" "

Robots in the wild: UTM’s Florian Shkurti teaches machines to learn and work with humans

Dan Falk

The technology behind self-driving cars has been progressing swiftly, and so long as the vehicles are on familiar streets with familiar sights they do very well. But when they encounter something unfamiliar, things become much more challenging, explains Florian Shkurti, an assistant professor in the Department of Computer Science at U of T Mississauga. He gives an example: Suppose there’s a truck in front of the self-driving car, “and there’s a wind gust – and now the snow is coming at you, so you can’t see anything. And suppose your LIDAR (light detection and ranging system) misperceives the snow as an array of objects, so it thinks there are a million small objects coming at the car.” Naturally, this will lead to trouble, says Shkurti, who runs UTM’s Robot Vision and Learning (RVL) lab.

Shkurti’s research extends far beyond self-driving cars to autonomous systems in general: How they learn, how we can make them learn better, and, especially, how they can successfully navigate complex environments at the service of humans. That means making sure that robots can handle so-called “edge cases,” like the snowy truck example – cases where the robot “comes across a rare scenario, for which there’s little or no training data,” says Shkurti. “Then you really have to either collect more data, or you have to accept that there will be these rare events that your perception system won’t recognize.”

An important tool along the way is simulation: self-driving cars, for example, can be trained on simulated roads and highways before they’re let loose on actual city streets. Another major challenge is scalability: If an autonomous system has to be specially trained for every possible scenario it might encounter, progress will be haltingly slow; there will be no way to take what’s been learned from one scenario and scale it up so that the system can handle more general cases. Roughly speaking, it would be good if the robot could learn similar to the way a human would.

Shkurti gives the example of robots that help scientists collect data underwater – an effort he’s been involved with for several years. Suppose the scientist wants to dive underwater to check on the health of coral reefs. A human diver “has to collect data manually, one data point at a time, one location at a time,” says Shkurti. “It’s painstaking work; it’s not scalable.” But now suppose that an autonomous robot, capable of maneuvering underwater and equipped with a camera and other sensors, could take over the data collection process. “If the robot could understand what it’s doing – if it has a model of what the scientist thinks is important to pay attention to, in a particular environment, then the robot could collect data on behalf of the scientist.” Scaling it up now becomes straightforward: It’s much cheaper to deploy additional robots than to train more scientists. It also frees up the scientist to look after higher-level tasks, now that they don’t have to devote so many hours to data collection. “The scientist can give the robot some hints as to where to collect the data – but then the robot can take care of the rest,” Shkurti says.

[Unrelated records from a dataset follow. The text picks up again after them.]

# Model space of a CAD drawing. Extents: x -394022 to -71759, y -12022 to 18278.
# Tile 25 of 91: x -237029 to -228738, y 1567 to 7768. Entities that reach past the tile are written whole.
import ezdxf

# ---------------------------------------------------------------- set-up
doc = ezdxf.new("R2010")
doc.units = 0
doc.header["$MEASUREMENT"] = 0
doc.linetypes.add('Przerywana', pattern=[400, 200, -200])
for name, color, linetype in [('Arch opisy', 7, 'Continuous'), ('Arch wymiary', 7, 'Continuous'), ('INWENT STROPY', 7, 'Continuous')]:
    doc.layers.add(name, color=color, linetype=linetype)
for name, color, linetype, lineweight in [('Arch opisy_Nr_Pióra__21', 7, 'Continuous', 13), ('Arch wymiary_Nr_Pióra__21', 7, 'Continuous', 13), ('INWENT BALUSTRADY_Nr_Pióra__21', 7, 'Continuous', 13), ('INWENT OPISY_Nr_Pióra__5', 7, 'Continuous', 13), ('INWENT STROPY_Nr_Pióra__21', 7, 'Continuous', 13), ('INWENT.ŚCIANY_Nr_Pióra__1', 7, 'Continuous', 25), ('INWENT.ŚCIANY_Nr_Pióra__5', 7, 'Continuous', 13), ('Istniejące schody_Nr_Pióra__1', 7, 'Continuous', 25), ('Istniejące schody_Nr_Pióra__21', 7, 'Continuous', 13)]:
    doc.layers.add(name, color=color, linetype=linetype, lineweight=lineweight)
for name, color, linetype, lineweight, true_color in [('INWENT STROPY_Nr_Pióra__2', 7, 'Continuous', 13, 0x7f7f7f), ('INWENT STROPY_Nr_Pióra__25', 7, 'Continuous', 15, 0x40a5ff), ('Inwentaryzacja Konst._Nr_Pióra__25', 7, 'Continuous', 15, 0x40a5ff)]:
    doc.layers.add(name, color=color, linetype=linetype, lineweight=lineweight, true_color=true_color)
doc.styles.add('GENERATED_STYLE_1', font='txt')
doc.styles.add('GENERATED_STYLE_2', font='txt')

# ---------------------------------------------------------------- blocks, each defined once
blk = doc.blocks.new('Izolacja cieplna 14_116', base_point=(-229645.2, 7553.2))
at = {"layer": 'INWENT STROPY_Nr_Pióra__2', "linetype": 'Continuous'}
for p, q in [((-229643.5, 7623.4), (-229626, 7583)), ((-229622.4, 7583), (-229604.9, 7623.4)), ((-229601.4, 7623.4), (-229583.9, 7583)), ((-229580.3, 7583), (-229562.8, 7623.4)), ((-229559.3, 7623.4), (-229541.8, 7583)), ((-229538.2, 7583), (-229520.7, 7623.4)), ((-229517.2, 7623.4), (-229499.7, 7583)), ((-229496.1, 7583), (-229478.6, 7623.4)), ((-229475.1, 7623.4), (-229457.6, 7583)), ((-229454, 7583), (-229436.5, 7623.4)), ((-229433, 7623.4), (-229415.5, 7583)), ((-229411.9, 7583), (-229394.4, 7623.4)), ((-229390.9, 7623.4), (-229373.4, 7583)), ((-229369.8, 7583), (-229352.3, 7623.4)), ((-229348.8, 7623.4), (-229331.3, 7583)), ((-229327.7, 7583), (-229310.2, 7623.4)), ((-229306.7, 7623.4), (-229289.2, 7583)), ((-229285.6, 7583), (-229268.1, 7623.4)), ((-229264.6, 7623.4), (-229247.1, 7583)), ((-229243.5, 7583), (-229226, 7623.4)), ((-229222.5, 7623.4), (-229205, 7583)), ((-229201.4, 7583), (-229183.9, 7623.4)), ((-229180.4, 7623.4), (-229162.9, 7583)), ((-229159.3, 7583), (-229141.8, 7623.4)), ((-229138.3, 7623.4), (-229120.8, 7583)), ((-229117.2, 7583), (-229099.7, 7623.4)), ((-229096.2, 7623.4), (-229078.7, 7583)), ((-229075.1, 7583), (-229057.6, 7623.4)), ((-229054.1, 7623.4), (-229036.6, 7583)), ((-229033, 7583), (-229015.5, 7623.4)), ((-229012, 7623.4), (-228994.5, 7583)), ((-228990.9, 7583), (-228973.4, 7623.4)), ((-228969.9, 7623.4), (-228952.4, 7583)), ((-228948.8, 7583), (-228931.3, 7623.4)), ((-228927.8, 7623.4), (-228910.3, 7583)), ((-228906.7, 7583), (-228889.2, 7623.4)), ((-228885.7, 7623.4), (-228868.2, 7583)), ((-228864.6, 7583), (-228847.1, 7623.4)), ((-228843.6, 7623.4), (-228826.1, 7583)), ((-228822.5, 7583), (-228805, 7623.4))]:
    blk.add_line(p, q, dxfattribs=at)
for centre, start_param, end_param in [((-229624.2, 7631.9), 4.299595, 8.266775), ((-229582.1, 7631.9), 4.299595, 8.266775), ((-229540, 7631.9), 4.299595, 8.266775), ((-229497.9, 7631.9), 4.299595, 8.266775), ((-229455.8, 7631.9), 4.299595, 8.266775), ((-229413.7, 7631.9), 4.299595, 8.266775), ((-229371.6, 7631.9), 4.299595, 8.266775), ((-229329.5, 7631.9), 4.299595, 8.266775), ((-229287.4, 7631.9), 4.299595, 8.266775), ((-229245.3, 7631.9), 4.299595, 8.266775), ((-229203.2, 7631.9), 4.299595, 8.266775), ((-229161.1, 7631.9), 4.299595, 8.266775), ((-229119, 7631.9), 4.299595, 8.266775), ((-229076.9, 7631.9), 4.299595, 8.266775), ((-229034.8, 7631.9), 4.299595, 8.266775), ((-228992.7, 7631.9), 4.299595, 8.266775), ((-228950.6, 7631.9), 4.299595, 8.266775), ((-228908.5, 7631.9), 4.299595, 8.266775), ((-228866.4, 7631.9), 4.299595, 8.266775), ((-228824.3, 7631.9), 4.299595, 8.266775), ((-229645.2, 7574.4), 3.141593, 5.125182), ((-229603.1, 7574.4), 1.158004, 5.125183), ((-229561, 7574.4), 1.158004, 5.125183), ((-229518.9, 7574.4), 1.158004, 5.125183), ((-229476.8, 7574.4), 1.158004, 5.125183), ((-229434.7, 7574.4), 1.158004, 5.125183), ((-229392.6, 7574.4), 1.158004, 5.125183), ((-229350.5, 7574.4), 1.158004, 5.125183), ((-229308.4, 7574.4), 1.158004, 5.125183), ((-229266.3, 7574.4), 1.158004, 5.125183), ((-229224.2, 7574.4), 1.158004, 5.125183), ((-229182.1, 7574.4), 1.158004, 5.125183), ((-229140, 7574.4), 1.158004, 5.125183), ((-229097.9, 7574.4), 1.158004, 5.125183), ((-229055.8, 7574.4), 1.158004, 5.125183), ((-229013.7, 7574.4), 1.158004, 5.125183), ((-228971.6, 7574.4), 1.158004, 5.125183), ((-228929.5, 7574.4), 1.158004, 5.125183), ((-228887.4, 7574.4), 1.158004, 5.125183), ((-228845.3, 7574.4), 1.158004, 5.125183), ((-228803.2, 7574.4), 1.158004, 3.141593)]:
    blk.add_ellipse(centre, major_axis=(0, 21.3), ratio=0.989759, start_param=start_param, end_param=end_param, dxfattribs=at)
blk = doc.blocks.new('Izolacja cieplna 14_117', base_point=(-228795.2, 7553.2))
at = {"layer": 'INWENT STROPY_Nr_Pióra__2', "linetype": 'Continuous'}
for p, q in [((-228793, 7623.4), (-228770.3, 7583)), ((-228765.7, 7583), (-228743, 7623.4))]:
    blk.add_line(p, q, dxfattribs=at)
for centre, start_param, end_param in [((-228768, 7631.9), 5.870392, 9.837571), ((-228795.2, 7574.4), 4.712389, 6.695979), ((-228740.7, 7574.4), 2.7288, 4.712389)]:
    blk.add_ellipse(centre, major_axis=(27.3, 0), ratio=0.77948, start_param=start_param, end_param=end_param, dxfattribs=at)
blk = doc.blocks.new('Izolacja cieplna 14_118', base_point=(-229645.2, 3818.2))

Shkurti has recently received a Connaught New Researcher Award for a project titled “Robotics and Machine Learning in the Wild: New Directions in Automated Environmental Monitoring.”

Shkurti did his undergraduate studies at U of T before earning his PhD at McGill in computer science. He was hired by U of T in 2018. While everything about computer science fascinates him, the field of robotics has always held a special appeal. “Robotics lets you play in different ‘playgrounds,’ like control, perception, and machine learning,” he says. “It allows you to examine these different fields, and I really valued that – and I still value it.”

As for the lofty philosophical questions that sometimes crop up when people talk about advanced computer systems – like the question of whether machines could be said to “think” – Shkurti remains firmly agnostic. Machines can reason, he says; they can try to act optimally as they strive to achieve their goals. “If that’s thinking, then they’re doing it,” he says. “But I don’t spend very much time worrying about ‘consciousness.’ I have enough other things to worry about.” And despite Hollywood’s obsession with robots that turn on their human masters or accelerate doomsday in some fashion, Shkurti sees robots as helpers; he’s looking forward to a new and richly-rewarding era of human-robot collaboration. “No roboticist I know has a pessimistic view of the field,” he says.